=== Begin Enclosure ===

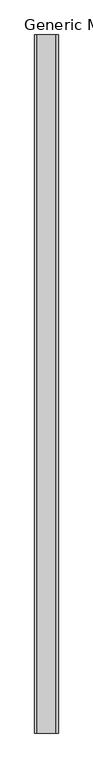
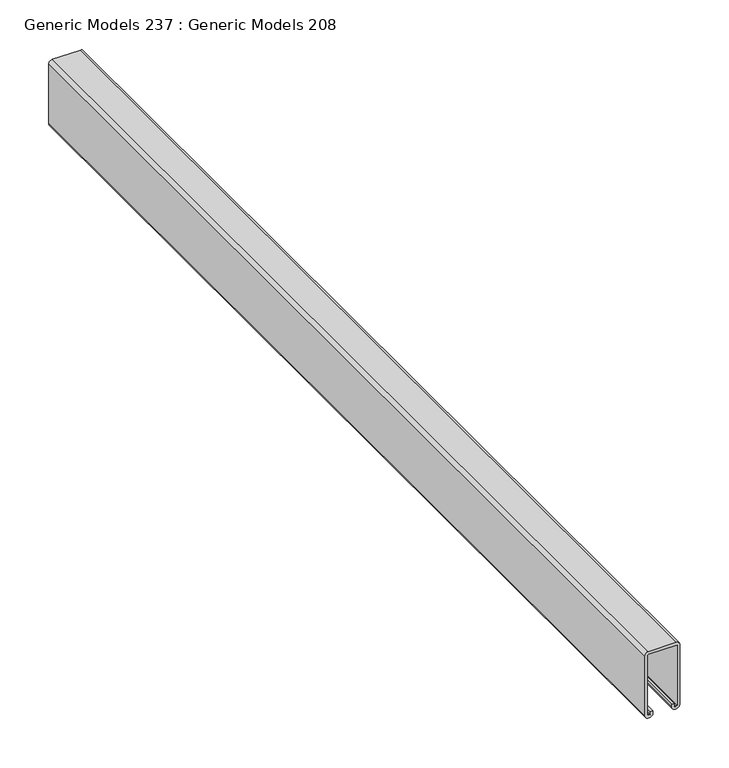
"""IFC4 building model written with IfcOpenShell, lengths in millimetres: proxy geometry, Generic Models 237 : Generic Models 208."""

import ifcopenshell
import ifcopenshell.guid

model = None  # the IFC model being written
_history = None  # IfcOwnerHistory: only IFC2X3 demands one
_inside = {}  # id of a spatial element -> (the spatial element, [elements in it])
_under = {}  # id of a project, library or spatial element -> (it, [spatial elements below it])
_declared = {}  # id of a project -> (the project, [libraries it declares])
_typed = {}  # id of a type object -> (the type object, [elements of that type])
_made_of = {}  # id of a material, layer set ... -> (it, [elements and type objects made of it])


def new_model(schema):
    """Start an empty IFC model of exactly this schema.

    Asked for "IFC4X3", IfcOpenShell would pick the latest addendum, in which some entities
    have other attributes; the version numbers below select the first issue.
    IFC2X3 requires an IfcOwnerHistory on every rooted entity: one is made here for all.
    """
    global model, _history
    if schema == "IFC4X3":
        model = ifcopenshell.file(schema_version=(4, 3, 0, 0))
    else:
        model = ifcopenshell.file(schema=schema)
    _inside.clear()
    _under.clear()
    _declared.clear()
    _typed.clear()
    _made_of.clear()
    _history = None
    if model.schema == "IFC2X3":
        org = make("IfcOrganization", Name="unknown")
        user = make(
            "IfcPersonAndOrganization",
            ThePerson=make("IfcPerson", FamilyName="unknown"),
            TheOrganization=org,
        )
        app = make(
            "IfcApplication",
            ApplicationDeveloper=org,
            Version="unknown",
            ApplicationFullName="unknown",
            ApplicationIdentifier="unknown",
        )
        _history = make(
            "IfcOwnerHistory",
            OwningUser=user,
            OwningApplication=app,
            ChangeAction="ADDED",
            CreationDate=0,
        )
    return model


def make(cls, **values):
    """One entity of the class cls with the attributes given. An attribute that is None is left unset."""
    return model.create_entity(
        cls, **{name: value for name, value in values.items() if value is not None}
    )


def rooted(cls, **values):
    """An entity with a GlobalId (a new one), such as an element, a storey or a relation."""
    return make(cls, GlobalId=ifcopenshell.guid.new(), OwnerHistory=_history, **values)


def si_unit(unit_type, name, prefix=None):
    """IfcSIUnit, for example si_unit("LENGTHUNIT", "METRE", prefix="MILLI")."""
    return make("IfcSIUnit", UnitType=unit_type, Prefix=prefix, Name=name)


def assignment(units):
    """IfcUnitAssignment: the units of a project."""
    return None if units is None else make("IfcUnitAssignment", Units=units)


def point(xyz):
    """IfcCartesianPoint."""
    return None if xyz is None else make("IfcCartesianPoint", Coordinates=xyz)


def direction(xyz):
    """IfcDirection."""
    return None if xyz is None else make("IfcDirection", DirectionRatios=xyz)


def frame(location, z_axis=None, x_axis=None):
    """IfcAxis2Placement3D, a coordinate frame: its origin and axes. An axis left out is left unset."""
    return make(
        "IfcAxis2Placement3D",
        Location=point(location),
        Axis=direction(z_axis),
        RefDirection=direction(x_axis),
    )


def frame_2d(location, x_axis=None):
    """IfcAxis2Placement2D, a coordinate frame in the plane: its origin and x axis."""
    return make(
        "IfcAxis2Placement2D", Location=point(location), RefDirection=direction(x_axis)
    )


def origin():
    """The frame at (0, 0, 0) with its axes left unset."""
    return frame((0.0, 0.0, 0.0))


def place(relative_to, where):
    """IfcLocalPlacement: puts the frame where relative to a parent placement (None: the world)."""
    return make(
        "IfcLocalPlacement", PlacementRelTo=relative_to, RelativePlacement=where
    )


def context(
    kind, dimensions, precision=None, world=None, true_north=None, identifier=None
):
    """IfcGeometricRepresentationContext, for example the 3D "Model" context."""
    return make(
        "IfcGeometricRepresentationContext",
        ContextIdentifier=identifier,
        ContextType=kind,
        CoordinateSpaceDimension=dimensions,
        Precision=precision,
        WorldCoordinateSystem=world,
        TrueNorth=true_north,
    )


def project(units=None, contexts=None):
    """IfcProject with its units and contexts."""
    return rooted(
        "IfcProject",
        Name="project",
        RepresentationContexts=contexts,
        UnitsInContext=assignment(units),
    )


def spatial(cls, under=None, at=None, **own):
    """A site, building, storey or space (cls), placed at a placement, below another one or the project."""
    s = rooted(cls, ObjectPlacement=at, **own)
    if under is not None:
        _under.setdefault(under.id(), (under, []))[1].append(s)
    return s


def polyline(points):
    """IfcPolyline through the points."""
    return make("IfcPolyline", Points=[point(p) for p in points])


def circle_curve(where, radius):
    """IfcCircle in the frame where."""
    return make("IfcCircle", Position=where, Radius=radius)


def trimmed(basis, trim1, trim2, sense, master):
    """IfcTrimmedCurve: the piece of a basis curve between two trims."""
    return make(
        "IfcTrimmedCurve",
        BasisCurve=basis,
        Trim1=trim1,
        Trim2=trim2,
        SenseAgreement=sense,
        MasterRepresentation=master,
    )


def segment(curve, same_sense, transition):
    """IfcCompositeCurveSegment."""
    return make(
        "IfcCompositeCurveSegment",
        Transition=transition,
        SameSense=same_sense,
        ParentCurve=curve,
    )


def composite_curve(segments, self_intersect=None):
    """IfcCompositeCurve: segments joined end to end."""
    return make("IfcCompositeCurve", Segments=segments, SelfIntersect=self_intersect)


def outline(outer, holes=None, kind="AREA"):
    """IfcArbitraryClosedProfileDef: a profile drawn as a closed curve; with holes, ...WithVoids."""
    if holes is None:
        return make("IfcArbitraryClosedProfileDef", ProfileType=kind, OuterCurve=outer)
    return make(
        "IfcArbitraryProfileDefWithVoids",
        ProfileType=kind,
        OuterCurve=outer,
        InnerCurves=holes,
    )


def extrude(swept, where, along, depth):
    """IfcExtrudedAreaSolid: the profile swept, set in the frame where, extruded along a direction by depth."""
    return make(
        "IfcExtrudedAreaSolid",
        SweptArea=swept,
        Position=where,
        ExtrudedDirection=direction(along),
        Depth=depth,
    )


def shape(context_of_items, identifier, shape_type, items):
    """IfcShapeRepresentation: the items that make up one representation, for example the "Body"."""
    return make(
        "IfcShapeRepresentation",
        ContextOfItems=context_of_items,
        RepresentationIdentifier=identifier,
        RepresentationType=shape_type,
        Items=items,
    )


def source(mapping_origin, context_of_items, identifier, shape_type, items):
    """IfcRepresentationMap: a shape defined once, which mapped items show again and again."""
    return make(
        "IfcRepresentationMap",
        MappingOrigin=mapping_origin,
        MappedRepresentation=shape(context_of_items, identifier, shape_type, items),
    )


def transform(
    local_origin,
    x_axis=None,
    y_axis=None,
    z_axis=None,
    scale=None,
    scale2=None,
    scale3=None,
    uniform=True,
):
    """IfcCartesianTransformationOperator3D, or its non-uniform kind. x_axis, y_axis, z_axis: its Axis1, 2, 3."""
    if uniform:
        return make(
            "IfcCartesianTransformationOperator3D",
            Axis1=direction(x_axis),
            Axis2=direction(y_axis),
            LocalOrigin=point(local_origin),
            Scale=scale,
            Axis3=direction(z_axis),
        )
    return make(
        "IfcCartesianTransformationOperator3DnonUniform",
        Axis1=direction(x_axis),
        Axis2=direction(y_axis),
        LocalOrigin=point(local_origin),
        Scale=scale,
        Axis3=direction(z_axis),
        Scale2=scale2,
        Scale3=scale3,
    )


def mapped(mapping_source, mapping_target):
    """IfcMappedItem: shows the shape of a source again, moved by a transform."""
    return make(
        "IfcMappedItem", MappingSource=mapping_source, MappingTarget=mapping_target
    )


def made_of(thing, what):
    """Note that an element or type object is made of a material, layer set ...; save() writes the relation."""
    if what is not None:
        _made_of.setdefault(what.id(), (what, []))[1].append(thing)
    return thing


def element(
    cls,
    number,
    at=None,
    inside=None,
    cuts=None,
    type_object=None,
    material=None,
    context=None,
    identifier="Body",
    shape_type=None,
    held_by="IfcProductDefinitionShape",
    body=None,
    shapes=None,
    **own,
):
    """One element of the class cls, such as IfcWall. Its Tag is "e" and its number.

    at: its placement. inside: the storey or other place that contains it. cuts: it is an
    opening in that element (IfcRelVoidsElement). A single representation is given by context,
    identifier, shape_type and body (its items); several are given by shapes. held_by: the class
    of the entity that holds the representations. save() writes the other relations.
    """
    e = rooted(cls, Tag="e%d" % number, ObjectPlacement=at, **own)
    if body is not None:
        shapes = [shape(context, identifier, shape_type, body)]
    if shapes is not None:
        e.Representation = make(held_by, Representations=shapes)
    if inside is not None:
        _inside.setdefault(inside.id(), (inside, []))[1].append(e)
    if cuts is not None:
        rooted(
            "IfcRelVoidsElement", RelatingBuildingElement=cuts, RelatedOpeningElement=e
        )
    if type_object is not None:
        _typed.setdefault(type_object.id(), (type_object, []))[1].append(e)
    return made_of(e, material)


def aggregate(whole, parts):
    """IfcRelAggregates: a whole, such as a stair, and the parts it consists of."""
    return rooted("IfcRelAggregates", RelatingObject=whole, RelatedObjects=parts)


def save(model, path):
    """Write the relations noted so far, then the file.

    IfcRelAggregates (storeys below a building ...), IfcRelContainedInSpatialStructure (elements
    in a storey), IfcRelDefinesByType, IfcRelAssociatesMaterial and IfcRelDeclares: one each for
    every whole, place, type object, material and project.
    """
    for whole, parts in _under.values():
        aggregate(whole, parts)
    for where, things in _inside.values():
        rooted(
            "IfcRelContainedInSpatialStructure",
            RelatedElements=things,
            RelatingStructure=where,
        )
    for kind, things in _typed.values():
        rooted("IfcRelDefinesByType", RelatedObjects=things, RelatingType=kind)
    for what, things in _made_of.values():
        rooted("IfcRelAssociatesMaterial", RelatedObjects=things, RelatingMaterial=what)
    for by, libraries in _declared.values():
        rooted("IfcRelDeclares", RelatingContext=by, RelatedDefinitions=libraries)
    model.write(path)


def generic_models_237_generic_models_208_3aec07af(model_context):
    return source(origin(), model_context, "Body", "SweptSolid", [
        extrude(outline(composite_curve([segment(polyline([(2050.797378, 53718.8649408), (2053.9878412, 53718.8649408), (2053.9878412, 53715.6899408), (2050.797378, 53715.6899408)]), True, "CONTINUOUS"), segment(trimmed(circle_curve(frame_2d((2050.797378, 53714.9116541)), 0.7782868), [point((2050.797378, 53715.6899408))], [point((2050.0190912, 53714.9116541))], True, "CARTESIAN"), True, "CONTINUOUS"), segment(polyline([(2050.0190912, 53714.9116541), (2050.0190912, 53713.3653996)]), True, "CONTINUOUS"), segment(trimmed(circle_curve(frame_2d((2050.86955, 53713.3653996)), 0.8504588), [point((2050.0190912, 53713.3653996))], [point((2050.86955, 53712.5149408))], True, "CARTESIAN"), True, "CONTINUOUS"), segment(polyline([(2050.86955, 53712.5149408), (2125.3702466, 53712.5149408)]), True, "CONTINUOUS"), segment(trimmed(circle_curve(frame_2d((2125.3702466, 53713.3637855)), 0.8488446), [point((2125.3702466, 53712.5149408))], [point((2126.2190912, 53713.3637855))], True, "CARTESIAN"), True, "CONTINUOUS"), segment(polyline([(2126.2190912, 53713.3637855), (2126.2190912, 53746.6306179)]), True, "CONTINUOUS"), segment(trimmed(circle_curve(frame_2d((2125.4097683, 53746.6306179)), 0.8093229), [point((2126.2190912, 53746.6306179))], [point((2125.4097683, 53747.4399408))], True, "CARTESIAN"), True, "CONTINUOUS"), segment(polyline([(2125.4097683, 53747.4399408), (2050.8560001, 53747.4399408)]), True, "CONTINUOUS"), segment(trimmed(circle_curve(frame_2d((2050.8560001, 53746.6030319)), 0.8369089), [point((2050.8560001, 53747.4399408))], [point((2050.0190912, 53746.6030319))], True, "CARTESIAN"), True, "CONTINUOUS"), segment(polyline([(2050.0190912, 53746.6030319), (2050.0190912, 53745.1342437)]), True, "CONTINUOUS"), segment(trimmed(circle_curve(frame_2d((2050.8883942, 53745.1342437)), 0.8693029), [point((2050.0190912, 53745.1342437))], [point((2050.8883942, 53744.2649408))], True, "CARTESIAN"), True, "CONTINUOUS"), segment(polyline([(2050.8883942, 53744.2649408), (2053.9878412, 53744.2649408), (2053.9878412, 53741.0899408), (2050.8883942, 53741.0899408)]), True, "CONTINUOUS"), segment(trimmed(circle_curve(frame_2d((2050.8883942, 53745.1342437)), 4.0443029), [point((2050.8883942, 53741.0899408))], [point((2046.8440912, 53745.1342437))], False, "CARTESIAN"), True, "CONTINUOUS"), segment(polyline([(2046.8440912, 53745.1342437), (2046.8440912, 53746.6030319)]), True, "CONTINUOUS"), segment(trimmed(circle_curve(frame_2d((2050.8560001, 53746.6030319)), 4.0119089), [point((2046.8440912, 53746.6030319))], [point((2050.8560001, 53750.6149408))], False, "CARTESIAN"), True, "CONTINUOUS"), segment(polyline([(2050.8560001, 53750.6149408), (2125.4097683, 53750.6149408)]), True, "CONTINUOUS"), segment(trimmed(circle_curve(frame_2d((2125.4097683, 53746.6306179)), 3.9843229), [point((2125.4097683, 53750.6149408))], [point((2129.3940912, 53746.6306179))], False, "CARTESIAN"), True, "CONTINUOUS"), segment(polyline([(2129.3940912, 53746.6306179), (2129.3940912, 53713.3637855)]), True, "CONTINUOUS"), segment(trimmed(circle_curve(frame_2d((2125.3702466, 53713.3637855)), 4.0238446), [point((2129.3940912, 53713.3637855))], [point((2125.3702466, 53709.3399408))], False, "CARTESIAN"), True, "CONTINUOUS"), segment(polyline([(2125.3702466, 53709.3399408), (2050.86955, 53709.3399408)]), True, "CONTINUOUS"), segment(trimmed(circle_curve(frame_2d((2050.86955, 53713.3653996)), 4.0254588), [point((2050.86955, 53709.3399408))], [point((2046.8440912, 53713.3653996))], False, "CARTESIAN"), True, "CONTINUOUS"), segment(polyline([(2046.8440912, 53713.3653996), (2046.8440912, 53714.9116541)]), True, "CONTINUOUS"), segment(trimmed(circle_curve(frame_2d((2050.797378, 53714.9116541)), 3.9532868), [point((2046.8440912, 53714.9116541))], [point((2050.797378, 53718.8649408))], False, "CARTESIAN"), True, "CONTINUOUS")], self_intersect=False)), frame((0.0, -228.7033818, 0.0), z_axis=(0.0, 1.0, 0.0), x_axis=(0.0, 0.0, 1.0)), (0.0, 0.0, 1.0), 1219.2),
    ])


if __name__ == "__main__":
    model = new_model("IFC4")
    model_context = context("Model", 3, world=origin())
    ifc_project = project(units=[si_unit("LENGTHUNIT", "METRE", prefix="MILLI")], contexts=[model_context])
    site = spatial("IfcSite", under=ifc_project)
    building = spatial("IfcBuilding", under=site)
    placement = place(None, origin())
    generic_models_237_generic_models_208_shape = generic_models_237_generic_models_208_3aec07af(model_context)
    element("IfcBuildingElementProxy", 1, Name="Generic Models 237 : Generic Models 208", ObjectType="Generic Models 237 : Generic Models 208", at=placement, inside=building, context=model_context, shape_type="MappedRepresentation", body=[
        mapped(generic_models_237_generic_models_208_shape, transform((0.0, 0.0, 0.0), x_axis=(1.0, 0.0, 0.0), y_axis=(0.0, 1.0, 0.0), z_axis=(0.0, 0.0, 1.0))),
    ])
    save(model, "model.ifc")

# Revit data of these elements
# Element 1 (IfcBuildingElementProxy, "Generic Models 237 : Generic Models 208")
#   Materials on its faces: "UNISTRUT P5000, 1-5/8\" x 3-1/4\", 12 GA METAL FRAMING CHANNEL STRUT"
# Materials
#   "UNISTRUT P5000, 1-5/8\" x 3-1/4\", 12 GA METAL FRAMING CHANNEL STRUT": class "Metal", colour RGB 244 244 244, transparency 0, Description = "Aluminum 6061", Cost = 0

=== End Enclosure ===

> [What is expected]
Within the entries above, find every line where the string "OuterCurve" occurs, and copy it.

> [Result for this task]
        return make("IfcArbitraryClosedProfileDef", ProfileType=kind, OuterCurve=outer)
        OuterCurve=outer,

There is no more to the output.